1. Aristotle lived long after Democrit, Phytagoras and Anaxagoras
2. Known by his teacher Plato as "the reader", he was the first to establish the lonesome studying of texts and publications by others
3. Aristotle broke with Plato´s view of the world as a mere reflection of eternal entities residing in a removed sphere or dimension (a thought offered again in the 20th century as the holographic universe, which is intrinsically two dimensional and extends into the 3rd dimension only by projection)
4. It is not His fault that he has been abused through the centuries by the katholic church
5. the fact that Plato´s Politeia (the state) is the blueprint for a dictatorship as proposed by the katholic church as well as the nazies does not make Aristotle, his scholar (who did not become leader of the academy after Platos death by Platos own command) a favourer of autocracian political systems
6. he had his big blunders: like the idea that the brain is a mere blood cooler (which it actually is, as humans loose most of their body temperature through the head) and that slavery is alright. However, he was born into it and lived with it about 2000 years before the great French revolution, a singularity that shifted the perception of slavery for the masters AND the slaves. It musn´t be forgot that slaves in ancient Athens were occasionly very powerful masters of the house of some aristocrat and teachers to their children. (even the old testament speaks about the freed slaves of egypt that lament in the desert about how good they had it in slavery, with meet all the time whilst in their new freedom they only had believe and some mana)
7. Aristotle invented the logic we still apply today. Plato´s dialectic is not conclusive but Aristoles Syllogism is:
I. if all humans are mortal
II. and Sokartes is a human
II. then Sokartes is mortal
8. a crater on our moon is called is Aristoteles (german pronouciation)

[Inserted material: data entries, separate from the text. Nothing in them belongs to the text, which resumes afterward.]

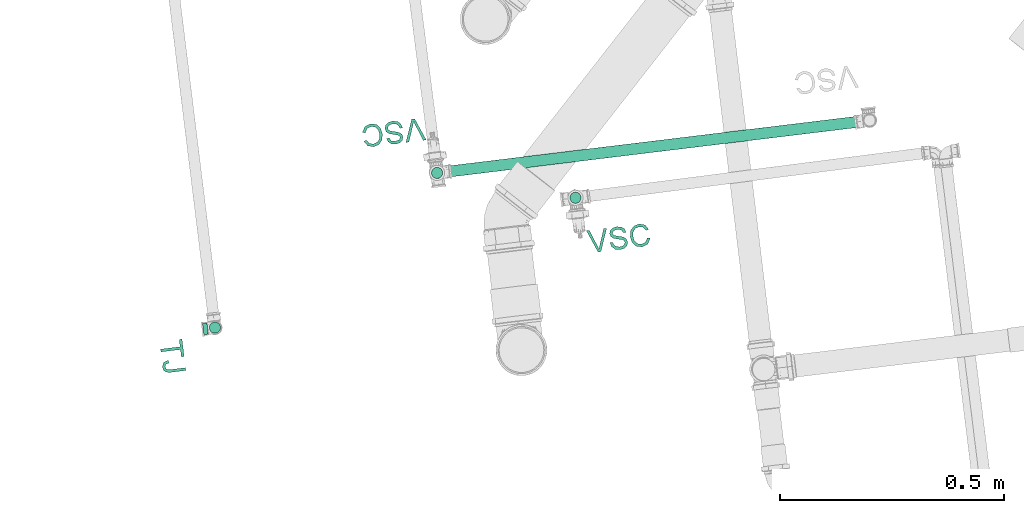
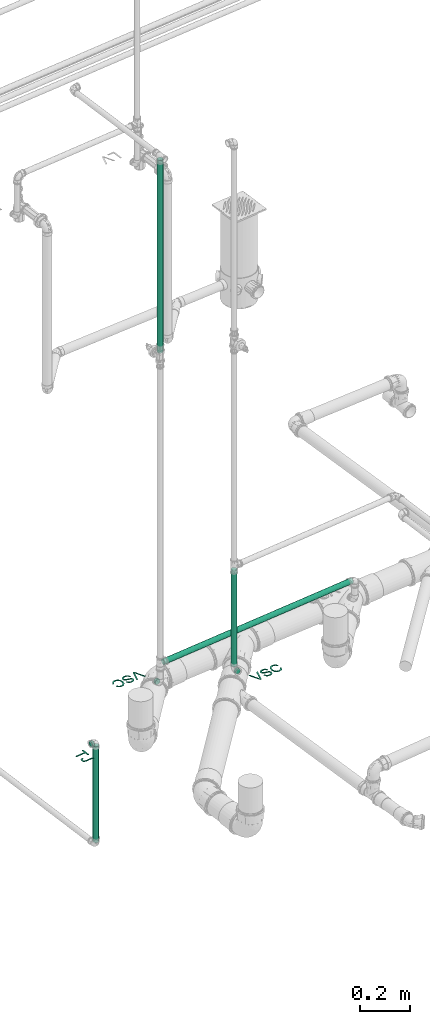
# One storey, part 10 of 97: 4 flow segments, 3 flow terminals.
"""IFC2X3 building model written with IfcOpenShell, lengths in centimetres."""

from ifc_helpers import new_model, entity, si_unit, converted_unit, derived_unit, direction, frame, frame_2d, origin, origin_2d_with_axis, place, context, subcontext, project, spatial, polyline, circle, outline, extrude, source, transform, mapped, material, material_list, type_object, type_shapes, element, save


model = new_model("IFC2X3")

# Units and contexts
model_context = context("Model", 3, precision=0.001, world=origin(), true_north=direction((6.12303176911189e-17, 1.0)))
body_context = subcontext(model_context, "Body", "Model", "MODEL_VIEW")
ifc_project = project(units=[si_unit("LENGTHUNIT", "METRE", prefix="CENTI"), si_unit("AREAUNIT", "SQUARE_METRE"), si_unit("VOLUMEUNIT", "CUBIC_METRE"), converted_unit("PLANEANGLEUNIT", "DEGREE", entity("IfcRatioMeasure", 0.0174532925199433), si_unit("PLANEANGLEUNIT", "RADIAN"), dimensions=[0, 0, 0, 0, 0, 0, 0]), si_unit("MASSUNIT", "GRAM", prefix="KILO"), derived_unit("MASSDENSITYUNIT", [(si_unit("MASSUNIT", "GRAM", prefix="KILO"), 1), (si_unit("LENGTHUNIT", "METRE"), -3)]), derived_unit("MOMENTOFINERTIAUNIT", [(si_unit("LENGTHUNIT", "METRE"), 4)]), si_unit("TIMEUNIT", "SECOND"), si_unit("FREQUENCYUNIT", "HERTZ"), si_unit("THERMODYNAMICTEMPERATUREUNIT", "DEGREE_CELSIUS"), derived_unit("THERMALTRANSMITTANCEUNIT", [(si_unit("MASSUNIT", "GRAM", prefix="KILO"), 1), (si_unit("THERMODYNAMICTEMPERATUREUNIT", "KELVIN"), -1), (si_unit("TIMEUNIT", "SECOND"), -3)]), derived_unit("VOLUMETRICFLOWRATEUNIT", [(si_unit("LENGTHUNIT", "METRE"), 3), (si_unit("TIMEUNIT", "SECOND"), -1)]), si_unit("ELECTRICCURRENTUNIT", "AMPERE"), si_unit("ELECTRICVOLTAGEUNIT", "VOLT"), si_unit("POWERUNIT", "WATT"), si_unit("FORCEUNIT", "NEWTON", prefix="KILO"), si_unit("ILLUMINANCEUNIT", "LUX"), si_unit("LUMINOUSFLUXUNIT", "LUMEN"), si_unit("LUMINOUSINTENSITYUNIT", "CANDELA"), derived_unit("USERDEFINED", [(si_unit("MASSUNIT", "GRAM", prefix="KILO"), -1), (si_unit("LENGTHUNIT", "METRE"), -2), (si_unit("TIMEUNIT", "SECOND"), 3), (si_unit("LUMINOUSFLUXUNIT", "LUMEN"), 1)]), derived_unit("LINEARVELOCITYUNIT", [(si_unit("LENGTHUNIT", "METRE"), 1), (si_unit("TIMEUNIT", "SECOND"), -1)]), si_unit("PRESSUREUNIT", "PASCAL"), derived_unit("USERDEFINED", [(si_unit("LENGTHUNIT", "METRE"), -2), (si_unit("MASSUNIT", "GRAM", prefix="KILO"), 1), (si_unit("TIMEUNIT", "SECOND"), -2)]), derived_unit("LINEARFORCEUNIT", [(si_unit("MASSUNIT", "GRAM", prefix="KILO"), 1), (si_unit("LENGTHUNIT", "METRE"), 1), (si_unit("TIMEUNIT", "SECOND"), -2), (si_unit("LENGTHUNIT", "METRE"), -1)]), derived_unit("PLANARFORCEUNIT", [(si_unit("MASSUNIT", "GRAM", prefix="KILO"), 1), (si_unit("LENGTHUNIT", "METRE"), 1), (si_unit("TIMEUNIT", "SECOND"), -2), (si_unit("LENGTHUNIT", "METRE"), -2)])], contexts=[model_context])

# Site, building, storey
site_placement = place(None, origin())
site = spatial("IfcSite", under=ifc_project, at=site_placement, Name="Default", CompositionType="ELEMENT")
building_placement = place(site_placement, origin())
building = spatial("IfcBuilding", under=site, at=building_placement, Name="HIDROSSANITÁRIO", CompositionType="ELEMENT")
storey_placement = place(building_placement, frame((0.0, 0.0, -260.0)))
storey = spatial("IfcBuildingStorey", under=building, at=storey_placement, Name="TÉRREO-HID", CompositionType="ELEMENT", Elevation=-260.0)

# Flow segments
pipe_segment_type = type_object("IfcPipeSegmentType", Name="Tipos de tubos:Tubo Marrom - Água Fria - Soldável", PredefinedType="NOTDEFINED")
flow_segment_1_placement = place(storey_placement, origin())
element("IfcFlowSegment", 1, at=flow_segment_1_placement, inside=storey, type_object=pipe_segment_type, Name="Tipos de tubos:Tubo Marrom - Água Fria - Soldável", ObjectType="Tipos de tubos:Tubo Marrom - Água Fria - Soldável", context=body_context, shape_type="SweptSolid", body=[
    extrude(circle(Radius=1.25, at=frame_2d((-2.61216974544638e-14, 0.0), x_axis=(1.0, 0.0))), frame((-1797.78662653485, 2884.13091219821, 30.0), z_axis=(0.992699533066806, 0.120613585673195, 0.0), x_axis=(-0.120613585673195, 0.992699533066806, 0.0)), (0.0, 0.0, 1.0), 94.2566759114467),
])
flow_segment_2_placement = place(storey_placement, origin())
element("IfcFlowSegment", 2, at=flow_segment_2_placement, inside=storey, type_object=pipe_segment_type, Name="Tipos de tubos:Tubo Marrom - Água Fria - Soldável", ObjectType="Tipos de tubos:Tubo Marrom - Água Fria - Soldável", context=body_context, shape_type="SweptSolid", body=[
    extrude(circle(Radius=1.25, at=origin_2d_with_axis()), frame((-1768.33138926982, 2878.4050435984, 21.63)), (0.0, 0.0, 1.0), 46.78),
])
flow_segment_3_placement = place(storey_placement, origin())
element("IfcFlowSegment", 3, at=flow_segment_3_placement, inside=storey, type_object=pipe_segment_type, Name="Tipos de tubos:Tubo Marrom - Água Fria - Soldável", ObjectType="Tipos de tubos:Tubo Marrom - Água Fria - Soldável", context=body_context, shape_type="SweptSolid", body=[
    extrude(circle(Radius=1.25, at=frame_2d((-1.26660106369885e-20, 9.83757240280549e-20), x_axis=(1.0, 0.0))), frame((-1799.22604085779, 2883.95602249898, 182.0), z_axis=(-9.35738857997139e-07, 7.26779649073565e-06, 1.0), x_axis=(-1.0, 0.0, -9.35738858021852e-07)), (0.0, 0.0, 1.0), 93.938890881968),
])
flow_segment_4_placement = place(storey_placement, origin())
element("IfcFlowSegment", 4, at=flow_segment_4_placement, inside=storey, type_object=pipe_segment_type, Name="Tipos de tubos:Tubo Marrom - Água Fria - Soldável", ObjectType="Tipos de tubos:Tubo Marrom - Água Fria - Soldável", context=body_context, shape_type="SweptSolid", body=[
    extrude(circle(Radius=1.25, at=origin_2d_with_axis()), frame((-1848.8215935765, 2849.4208449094, -18.46), z_axis=(0.0, 0.0, 1.0), x_axis=(-1.0, 0.0, 0.0)), (0.0, 0.0, 1.0), 46.83),
])

# Flow terminals
ifc_material_1 = material(Name=".ID PONTOS DE CONSUMO")
ifc_material_2 = material(Name="<Unnamed>")
ifc_material_list_1 = material_list([ifc_material_1, ifc_material_1, ifc_material_1, ifc_material_2])
ifc_material_list_2 = material_list([ifc_material_1, ifc_material_1, ifc_material_1, ifc_material_2])
distribution_element_type_1 = type_object("IfcDistributionElementType", Name="Pontos de Consumo :BACIA SANITARIA CAIXA ACOPLADA", material=ifc_material_list_2)
shared_shape_1 = source(origin(), body_context, "Body", "SweptSolid", [
    extrude(outline(polyline([(-0.291035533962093, -2.60978212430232), (0.357663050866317, -2.60978212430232), (2.27187569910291, 2.41303338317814), (1.59987792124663, 2.41303338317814), (0.258334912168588, -1.20569917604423), (-0.00899267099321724, -2.02117093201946), (-0.279999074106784, -1.20569917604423), (-1.61786326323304, 2.41303338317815), (-2.28986104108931, 2.41303338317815), (-0.291035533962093, -2.60978212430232)])), frame((-3.80140883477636, 8.38581599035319, 0.0), z_axis=(0.0, 0.0, 1.0), x_axis=(-1.0, 0.0, 0.0)), (0.0, 0.0, 1.0), 0.2),
    extrude(outline(polyline([(0.159986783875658, -2.14384430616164), (1.15649137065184, -2.14384430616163), (1.96068557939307, -1.63393256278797), (2.46863484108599, -0.612133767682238), (2.53870698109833, 0.35501055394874), (2.18730732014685, 1.12715089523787), (1.52572011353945, 1.54795570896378), (0.789276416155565, 1.5528298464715), (0.13430777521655, 1.10651277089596), (-0.471111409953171, 0.123091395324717), (-1.0874076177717, -0.768054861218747), (-1.56068636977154, -0.842013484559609), (-1.9855059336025, -0.428866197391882), (-1.94874467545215, 0.494808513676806), (-1.4949111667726, 1.29806637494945), (-0.777489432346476, 1.46486449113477), (-0.606740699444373, 2.06905231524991), (-1.430854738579, 2.04327069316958), (-2.11718460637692, 1.54911010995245), (-2.55960237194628, 0.64195615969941), (-2.6481064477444, -0.300227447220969), (-2.33838066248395, -1.04848451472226), (-1.71373428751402, -1.45120371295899), (-1.06523029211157, -1.45161416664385), (-0.470393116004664, -1.06476156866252), (0.0951992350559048, -0.201975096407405), (0.574519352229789, 0.612557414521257), (0.964937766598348, 0.945679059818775), (1.37031208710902, 0.9394324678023), (1.73780922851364, 0.690941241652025), (1.92586114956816, 0.197524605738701), (1.85777714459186, -0.464986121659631), (1.50727535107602, -1.14835302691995), (0.990539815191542, -1.51586299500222), (0.330735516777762, -1.5396564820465), (0.159986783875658, -2.14384430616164)])), frame((-8.44107816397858, 8.53201502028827, 0.0), z_axis=(0.0, 0.0, 1.0), x_axis=(-0.271957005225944, 0.9623094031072, 0.0)), (0.0, 0.0, 1.0), 0.2),
    extrude(outline(polyline([(-0.163864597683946, -1.7964904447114), (-0.337097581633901, -2.4213021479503), (1.13156474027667, -2.40853999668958), (2.16562908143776, -1.48721709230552), (2.53219172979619, -0.190439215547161), (2.08718308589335, 0.950570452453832), (1.05509329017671, 1.8489065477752), (-0.275927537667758, 2.27270776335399), (-1.46466906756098, 1.98187536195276), (-2.32904298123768, 1.08731397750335), (-2.61799066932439, -0.197577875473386), (-2.01807585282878, -1.36204183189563), (-1.57497165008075, -0.892746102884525), (-1.98665363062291, -0.0610798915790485), (-1.77280525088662, 0.795082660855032), (-1.04969465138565, 1.51204662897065), (-0.147902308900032, 1.63280778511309), (0.740549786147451, 1.30552643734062), (1.58306630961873, 0.601352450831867), (1.88727594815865, -0.254715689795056), (1.65286235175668, -1.11954933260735), (0.903279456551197, -1.7964904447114), (-0.163864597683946, -1.7964904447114)])), frame((-13.1807089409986, 8.45514997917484, 0.0), z_axis=(0.0, 0.0, -1.0), x_axis=(0.499291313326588, 0.866434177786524, 0.0)), (0.0, 0.0, -1.0), 0.2),
    extrude(circle(Radius=1.25, at=frame_2d((-6.58881963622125e-17, -2.01943071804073e-15), x_axis=(1.0, 0.0))), frame((0.0, 0.0, 0.0), z_axis=(0.0, 1.0, 0.0), x_axis=(1.0, 0.0, 0.0)), (0.0, 0.0, 1.0), 1.0),
])
type_shapes(distribution_element_type_1, [shared_shape_1])
flow_terminal_1_placement = place(storey_placement, frame((-1799.4251493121, 2885.57381600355, 20.0), z_axis=(0.0, 0.0, 1.0), x_axis=(0.992511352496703, 0.122152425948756, 0.0)))
element("IfcFlowTerminal", 5, at=flow_terminal_1_placement, inside=storey, type_object=distribution_element_type_1, material=ifc_material_list_1, Name="Pontos de Consumo :BACIA SANITARIA CAIXA ACOPLADA", ObjectType="Pontos de Consumo :BACIA SANITARIA CAIXA ACOPLADA", context=body_context, shape_type="MappedRepresentation", body=[
    mapped(shared_shape_1, transform((0.0, 0.0, 0.0), scale=1.0)),
])
ifc_material_list_3 = material_list([ifc_material_1, ifc_material_2])
flow_terminal_2_placement = place(storey_placement, frame((-1768.13228081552, 2876.78725009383, 20.0), z_axis=(0.0, 0.0, 1.0), x_axis=(-0.992511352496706, -0.122152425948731, 0.0)))
element("IfcFlowTerminal", 6, at=flow_terminal_2_placement, inside=storey, type_object=distribution_element_type_1, material=ifc_material_list_3, Name="Pontos de Consumo :BACIA SANITARIA CAIXA ACOPLADA", ObjectType="Pontos de Consumo :BACIA SANITARIA CAIXA ACOPLADA", context=body_context, shape_type="MappedRepresentation", body=[
    mapped(shared_shape_1, transform((0.0, 0.0, 0.0), scale=1.0)),
])
ifc_material_list_4 = material_list([ifc_material_1, ifc_material_1, ifc_material_2])
ifc_material_list_5 = material_list([ifc_material_1, ifc_material_1, ifc_material_2])
distribution_element_type_2 = type_object("IfcDistributionElementType", Name="Pontos de Consumo :TORNEIRA JARDIM", material=ifc_material_list_5)
shared_shape_2 = source(origin(), body_context, "Body", "SweptSolid", [
    extrude(outline(polyline([(-0.313925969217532, -3.45318566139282), (0.313925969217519, -3.45318566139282), (0.313925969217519, 0.941777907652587), (1.96203730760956, 0.941777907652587), (1.96203730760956, 1.56962984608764), (-1.96203730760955, 1.56962984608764), (-1.96203730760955, 0.941777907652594), (-0.313925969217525, 0.941777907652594), (-0.313925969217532, -3.45318566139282)])), frame((-3.5962124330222, 7.54241245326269, 0.0), z_axis=(0.0, 0.0, 1.0), x_axis=(-1.0, 0.0, 0.0)), (0.0, 0.0, 1.0), 0.2),
    extrude(outline(polyline([(-0.450956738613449, -1.56621722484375), (0.712677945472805, -1.56621722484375), (1.36205152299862, -0.710503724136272), (1.41119061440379, 0.0809590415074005), (1.04574212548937, 0.693262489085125), (0.15552303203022, 1.11993163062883), (-3.11652597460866, 2.10676864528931), (-3.29781788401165, 1.50566025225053), (-0.0152025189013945, 0.51563646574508), (0.560970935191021, 0.270778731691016), (0.784949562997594, -0.0567809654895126), (0.769441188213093, -0.501034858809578), (0.425107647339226, -0.950504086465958), (-0.347151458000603, -0.94173917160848), (-0.450956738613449, -1.56621722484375)])), frame((-7.58037444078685, 9.56488751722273, 0.0), z_axis=(0.0, 0.0, 1.0), x_axis=(-0.288749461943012, 0.957404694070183, 0.0)), (0.0, 0.0, 1.0), 0.2),
    extrude(circle(Radius=1.25, at=frame_2d((-6.58881963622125e-17, -2.01943071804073e-15), x_axis=(1.0, 0.0))), frame((0.0, 0.0, 0.0), z_axis=(0.0, 1.0, 0.0), x_axis=(1.0, 0.0, 0.0)), (0.0, 0.0, 1.0), 1.0),
])
type_shapes(distribution_element_type_2, [shared_shape_2])
flow_terminal_3_placement = place(storey_placement, frame((-1850.43938708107, 2849.2217364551, 30.0), z_axis=(0.0, 0.0, 1.0), x_axis=(-0.122152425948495, 0.992511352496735, 0.0)))
element("IfcFlowTerminal", 7, at=flow_terminal_3_placement, inside=storey, type_object=distribution_element_type_2, material=ifc_material_list_4, Name="Pontos de Consumo :TORNEIRA JARDIM", ObjectType="Pontos de Consumo :TORNEIRA JARDIM", context=body_context, shape_type="MappedRepresentation", body=[
    mapped(shared_shape_2, transform((0.0, 0.0, 0.0), scale=1.0)),
])

save(model, "model.ifc")

9. the book " Nikomachian Ethic" describes as first in this world the relationship between people amongst each other in terms of common moral; his theories about the drama/tragody (and perhaps even about the comedy, if you are with U. Ecco) enlight the reader about mechanisms of peotry working on the human -how it impresses our consciousness (or soul for want of better word)
10. he was the one that started working methodological, step after step, prove and disprove. He brought in the difference between a logical proof (a priori) and a proof upon reality (a posteriori). Even though he may not have been an astronomer like Hipparchos, he laid the foundations for a science that doesn´t want to prove what is being known already but probe what can be known about an observable system.
That some of his theories didn´t hold through the centuries is no reason to bash him. After all, Newton´s theory of gravivty is entirely true in the light of Einsteins General Relativity and I am sure that during this century we will see a new theory emerging that unites Quantum Mechanics and Gravity and thus render General Realtivity to an ancient believe.
The story keeps continuing. The pre-Socraterian Philosophers seem to be the ones who were on the right track. And it looks like a shame they got suppressed for so many centuries. Advances in theoretical cosmolgy, however, sometimes seem to suggest that those metaphysicians a´la Plato weren´t too far off either....
Thruth is a human invention that most probably has no correlation with the rest of the cosmos.